Let me put this another way. I have a set of Dynaudio bookshelf speakers. They cost twice as much as my old Triangle Boreas but I prefer my Triangles for everyday use, even though they didn't measure very well and were cheap. They are brilliant all-rounders and sound amazing in my listening space. Sometimes the Dynaudios surprise me with something they do really well so I keep them too.
I think many people who are measurement biased wouldn't consider the cheaper speaker and would never go and audition them. That's the point I was making- the importance of an open mind.
Allow me to tell a little story about bias.
I've used my old Canton RC-K (large 8" bookshelves) for about 20 years, multi-purpose for music, movies/TV, and monitoring. You can find old posts of mine here describing them as "fairly neutral and balanced". That was my long term impression, relative to other speakers too that I've heard over the years. Never did any measurements, nor had any from external, professional sources.
Oh boy. Turns out, that was some big bullshit and totally wrong. My new speakers are unusually, remarkably flat, every independent measurement says that. That's why I chose them, even bought blindly/deafly, put them in the room et voilà, great sound. Switching back and forth to the old Canton reveals them to be
severely middy and unbalanced. Striking difference.
How could I have been so wrong? Easily explained: these long years of use in different rooms makes your auditory center adapt to the sound character very thoroughly. It becomes a fixed mental reference, and all sonic judgement is made
relative to that.
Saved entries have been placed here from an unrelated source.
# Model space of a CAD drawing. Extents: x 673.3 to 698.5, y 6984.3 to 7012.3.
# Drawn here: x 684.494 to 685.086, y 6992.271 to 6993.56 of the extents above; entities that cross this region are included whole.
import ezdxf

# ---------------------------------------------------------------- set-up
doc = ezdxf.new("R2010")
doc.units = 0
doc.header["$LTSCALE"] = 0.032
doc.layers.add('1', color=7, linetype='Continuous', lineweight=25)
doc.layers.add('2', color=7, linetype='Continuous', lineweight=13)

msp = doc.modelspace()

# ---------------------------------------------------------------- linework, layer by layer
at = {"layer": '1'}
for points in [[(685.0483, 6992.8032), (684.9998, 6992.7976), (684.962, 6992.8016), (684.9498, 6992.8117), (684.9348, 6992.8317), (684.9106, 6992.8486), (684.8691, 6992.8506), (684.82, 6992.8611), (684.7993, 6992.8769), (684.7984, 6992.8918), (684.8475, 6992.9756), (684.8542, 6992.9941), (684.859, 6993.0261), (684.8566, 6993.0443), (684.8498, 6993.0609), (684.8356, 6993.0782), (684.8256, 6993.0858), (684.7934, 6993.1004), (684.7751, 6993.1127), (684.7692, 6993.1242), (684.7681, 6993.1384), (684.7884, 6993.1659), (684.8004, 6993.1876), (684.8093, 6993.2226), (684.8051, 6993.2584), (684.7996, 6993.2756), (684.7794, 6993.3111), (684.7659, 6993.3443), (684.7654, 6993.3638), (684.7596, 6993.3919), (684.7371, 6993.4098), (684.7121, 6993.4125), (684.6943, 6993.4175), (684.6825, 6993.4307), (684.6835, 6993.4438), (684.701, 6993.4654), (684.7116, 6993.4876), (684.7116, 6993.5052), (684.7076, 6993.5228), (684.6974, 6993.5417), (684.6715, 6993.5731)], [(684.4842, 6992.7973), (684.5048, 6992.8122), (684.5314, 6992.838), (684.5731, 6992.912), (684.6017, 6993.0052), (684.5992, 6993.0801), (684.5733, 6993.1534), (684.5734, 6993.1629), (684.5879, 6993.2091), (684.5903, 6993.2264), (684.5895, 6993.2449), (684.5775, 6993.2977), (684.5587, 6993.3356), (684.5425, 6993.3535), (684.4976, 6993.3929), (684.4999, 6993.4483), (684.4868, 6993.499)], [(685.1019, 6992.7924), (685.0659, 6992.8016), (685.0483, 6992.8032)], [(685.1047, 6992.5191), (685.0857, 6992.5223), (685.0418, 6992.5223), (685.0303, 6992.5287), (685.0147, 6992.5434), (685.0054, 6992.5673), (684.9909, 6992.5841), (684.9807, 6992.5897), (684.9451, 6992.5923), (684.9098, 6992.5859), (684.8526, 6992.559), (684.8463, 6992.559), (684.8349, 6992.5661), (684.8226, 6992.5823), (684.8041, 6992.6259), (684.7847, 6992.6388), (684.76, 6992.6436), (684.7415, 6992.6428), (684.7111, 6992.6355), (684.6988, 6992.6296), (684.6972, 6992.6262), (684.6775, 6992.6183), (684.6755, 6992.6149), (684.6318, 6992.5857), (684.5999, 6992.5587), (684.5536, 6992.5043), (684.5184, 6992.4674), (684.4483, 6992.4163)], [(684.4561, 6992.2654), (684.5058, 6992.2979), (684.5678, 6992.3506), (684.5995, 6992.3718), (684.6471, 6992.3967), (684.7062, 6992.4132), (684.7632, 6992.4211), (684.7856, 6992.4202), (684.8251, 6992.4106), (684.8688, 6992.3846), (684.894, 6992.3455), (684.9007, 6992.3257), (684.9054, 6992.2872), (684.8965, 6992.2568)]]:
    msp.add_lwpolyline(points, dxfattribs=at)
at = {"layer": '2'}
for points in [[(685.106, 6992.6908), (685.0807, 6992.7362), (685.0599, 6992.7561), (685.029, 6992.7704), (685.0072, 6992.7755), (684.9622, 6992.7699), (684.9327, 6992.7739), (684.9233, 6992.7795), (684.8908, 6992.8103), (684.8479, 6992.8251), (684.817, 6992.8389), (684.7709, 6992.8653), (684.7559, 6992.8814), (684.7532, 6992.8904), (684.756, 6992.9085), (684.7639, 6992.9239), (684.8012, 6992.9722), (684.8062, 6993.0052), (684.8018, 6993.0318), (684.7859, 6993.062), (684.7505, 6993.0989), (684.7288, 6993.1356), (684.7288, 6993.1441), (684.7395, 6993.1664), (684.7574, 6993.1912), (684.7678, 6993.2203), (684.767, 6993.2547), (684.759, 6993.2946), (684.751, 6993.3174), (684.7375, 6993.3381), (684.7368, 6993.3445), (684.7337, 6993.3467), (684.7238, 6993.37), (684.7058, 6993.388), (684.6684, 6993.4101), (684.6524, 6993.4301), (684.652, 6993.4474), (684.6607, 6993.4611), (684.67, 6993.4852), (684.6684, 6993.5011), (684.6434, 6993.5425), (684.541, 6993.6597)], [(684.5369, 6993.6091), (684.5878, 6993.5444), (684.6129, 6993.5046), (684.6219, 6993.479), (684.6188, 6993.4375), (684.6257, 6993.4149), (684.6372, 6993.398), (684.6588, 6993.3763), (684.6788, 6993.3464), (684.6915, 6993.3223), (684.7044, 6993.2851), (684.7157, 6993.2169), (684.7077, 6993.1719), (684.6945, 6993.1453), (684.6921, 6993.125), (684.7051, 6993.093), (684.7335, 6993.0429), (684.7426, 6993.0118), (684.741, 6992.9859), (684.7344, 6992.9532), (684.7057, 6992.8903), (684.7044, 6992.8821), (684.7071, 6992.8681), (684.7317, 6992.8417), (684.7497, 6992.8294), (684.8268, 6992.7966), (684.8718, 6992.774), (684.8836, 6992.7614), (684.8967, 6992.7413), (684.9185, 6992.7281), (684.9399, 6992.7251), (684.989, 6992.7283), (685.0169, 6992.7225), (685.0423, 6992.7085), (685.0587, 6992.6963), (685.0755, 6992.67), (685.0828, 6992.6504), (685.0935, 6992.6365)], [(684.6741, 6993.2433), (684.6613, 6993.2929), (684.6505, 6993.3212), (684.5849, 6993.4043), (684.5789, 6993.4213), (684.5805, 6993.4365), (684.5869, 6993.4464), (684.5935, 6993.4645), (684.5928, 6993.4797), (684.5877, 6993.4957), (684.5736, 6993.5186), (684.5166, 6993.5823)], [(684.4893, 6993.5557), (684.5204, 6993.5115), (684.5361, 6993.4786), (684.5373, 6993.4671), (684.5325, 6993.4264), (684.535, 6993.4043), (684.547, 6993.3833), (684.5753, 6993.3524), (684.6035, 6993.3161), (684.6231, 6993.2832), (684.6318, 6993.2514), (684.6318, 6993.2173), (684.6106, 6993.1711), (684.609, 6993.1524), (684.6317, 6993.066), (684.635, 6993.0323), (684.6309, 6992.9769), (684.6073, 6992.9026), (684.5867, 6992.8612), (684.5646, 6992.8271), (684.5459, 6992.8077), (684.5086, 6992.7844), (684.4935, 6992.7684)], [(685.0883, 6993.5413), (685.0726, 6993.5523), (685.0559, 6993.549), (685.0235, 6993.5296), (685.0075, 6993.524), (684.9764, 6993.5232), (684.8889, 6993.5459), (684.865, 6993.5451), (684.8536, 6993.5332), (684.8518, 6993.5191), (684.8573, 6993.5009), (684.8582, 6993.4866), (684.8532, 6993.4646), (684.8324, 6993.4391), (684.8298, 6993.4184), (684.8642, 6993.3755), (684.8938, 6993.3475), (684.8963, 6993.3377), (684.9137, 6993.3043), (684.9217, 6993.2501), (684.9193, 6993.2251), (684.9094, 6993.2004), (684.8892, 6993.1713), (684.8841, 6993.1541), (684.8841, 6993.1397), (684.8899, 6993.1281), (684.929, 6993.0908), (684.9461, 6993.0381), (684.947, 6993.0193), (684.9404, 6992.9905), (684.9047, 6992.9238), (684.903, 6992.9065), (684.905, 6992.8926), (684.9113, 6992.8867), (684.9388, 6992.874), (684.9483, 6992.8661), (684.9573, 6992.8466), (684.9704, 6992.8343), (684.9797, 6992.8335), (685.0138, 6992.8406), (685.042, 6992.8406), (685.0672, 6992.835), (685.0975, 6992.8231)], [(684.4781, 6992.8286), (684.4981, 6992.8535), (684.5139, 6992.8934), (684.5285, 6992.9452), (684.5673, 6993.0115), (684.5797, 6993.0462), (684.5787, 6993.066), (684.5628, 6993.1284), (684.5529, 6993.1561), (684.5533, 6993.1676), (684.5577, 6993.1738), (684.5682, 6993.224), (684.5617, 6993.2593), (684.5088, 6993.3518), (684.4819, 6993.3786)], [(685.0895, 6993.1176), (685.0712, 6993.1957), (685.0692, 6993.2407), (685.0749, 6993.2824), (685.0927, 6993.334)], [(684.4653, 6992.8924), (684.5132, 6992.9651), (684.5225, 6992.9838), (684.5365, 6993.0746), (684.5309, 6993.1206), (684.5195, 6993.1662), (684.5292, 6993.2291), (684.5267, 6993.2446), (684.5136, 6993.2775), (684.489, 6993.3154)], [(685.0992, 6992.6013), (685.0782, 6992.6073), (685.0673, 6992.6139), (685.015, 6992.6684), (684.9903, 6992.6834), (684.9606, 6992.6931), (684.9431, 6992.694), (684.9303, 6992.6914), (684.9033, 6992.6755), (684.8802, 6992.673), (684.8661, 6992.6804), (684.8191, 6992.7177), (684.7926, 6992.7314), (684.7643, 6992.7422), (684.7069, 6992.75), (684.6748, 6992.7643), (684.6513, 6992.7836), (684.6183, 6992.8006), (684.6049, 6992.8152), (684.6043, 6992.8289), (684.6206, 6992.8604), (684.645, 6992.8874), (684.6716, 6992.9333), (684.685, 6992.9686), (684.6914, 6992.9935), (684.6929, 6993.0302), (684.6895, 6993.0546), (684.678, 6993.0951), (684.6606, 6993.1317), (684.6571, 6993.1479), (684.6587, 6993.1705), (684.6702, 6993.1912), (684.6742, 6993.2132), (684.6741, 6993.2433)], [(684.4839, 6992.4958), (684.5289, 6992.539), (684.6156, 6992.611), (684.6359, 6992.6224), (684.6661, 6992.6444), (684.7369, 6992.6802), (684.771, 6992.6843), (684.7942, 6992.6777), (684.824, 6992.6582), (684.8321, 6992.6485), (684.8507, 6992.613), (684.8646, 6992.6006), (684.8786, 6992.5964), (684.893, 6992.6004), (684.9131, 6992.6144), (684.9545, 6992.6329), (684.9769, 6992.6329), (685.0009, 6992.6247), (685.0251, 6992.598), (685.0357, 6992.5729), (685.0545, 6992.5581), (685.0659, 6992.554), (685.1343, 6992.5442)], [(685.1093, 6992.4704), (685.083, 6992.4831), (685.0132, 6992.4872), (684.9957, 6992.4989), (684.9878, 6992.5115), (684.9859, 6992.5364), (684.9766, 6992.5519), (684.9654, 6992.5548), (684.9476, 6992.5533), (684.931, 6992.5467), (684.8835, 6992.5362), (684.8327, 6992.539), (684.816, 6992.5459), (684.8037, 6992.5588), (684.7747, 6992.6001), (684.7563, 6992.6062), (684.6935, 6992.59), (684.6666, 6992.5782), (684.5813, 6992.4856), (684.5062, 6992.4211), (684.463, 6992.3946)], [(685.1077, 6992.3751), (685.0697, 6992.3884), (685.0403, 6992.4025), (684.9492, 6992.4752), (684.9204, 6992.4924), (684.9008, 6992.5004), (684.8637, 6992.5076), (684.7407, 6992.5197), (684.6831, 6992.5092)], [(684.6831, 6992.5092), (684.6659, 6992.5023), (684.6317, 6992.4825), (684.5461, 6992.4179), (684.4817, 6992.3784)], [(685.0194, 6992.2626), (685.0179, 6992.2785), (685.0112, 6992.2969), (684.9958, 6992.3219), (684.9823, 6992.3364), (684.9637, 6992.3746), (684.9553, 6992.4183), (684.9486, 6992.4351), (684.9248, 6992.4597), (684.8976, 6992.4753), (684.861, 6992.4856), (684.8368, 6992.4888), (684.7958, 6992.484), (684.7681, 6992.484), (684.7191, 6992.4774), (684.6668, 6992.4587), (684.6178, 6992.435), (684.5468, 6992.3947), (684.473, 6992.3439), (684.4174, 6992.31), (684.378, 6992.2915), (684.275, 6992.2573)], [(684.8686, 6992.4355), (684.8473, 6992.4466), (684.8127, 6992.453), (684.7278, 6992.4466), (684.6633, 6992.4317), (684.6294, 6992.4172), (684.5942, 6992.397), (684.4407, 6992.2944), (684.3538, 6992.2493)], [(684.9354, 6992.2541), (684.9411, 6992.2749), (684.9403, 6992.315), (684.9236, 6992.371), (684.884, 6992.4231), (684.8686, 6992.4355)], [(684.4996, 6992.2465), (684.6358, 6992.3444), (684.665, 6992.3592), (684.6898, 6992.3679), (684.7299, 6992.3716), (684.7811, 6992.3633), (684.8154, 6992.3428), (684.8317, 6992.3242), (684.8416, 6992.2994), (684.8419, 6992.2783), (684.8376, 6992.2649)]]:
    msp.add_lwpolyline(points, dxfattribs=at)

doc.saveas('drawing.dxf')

It's just how our brains work: we're way better at judging relative differences than absolutes. It also just so happens that a pronounced midrange is useful for producing and mixing, because it's a kind of sonic magnifying glass in the most important range of music. They worked fine for that
precisely because they were
factually bad and middy, similar to old infamous Yamaha studio monitors!
I never knew they were until now. Measurements could've told me. Believe me, I found it highly amusing and laughed a lot about myself. A nice reminder that I'm just a human and as prone to bias and fallacies as anyone. Facts and measurements don't lie, my brain does.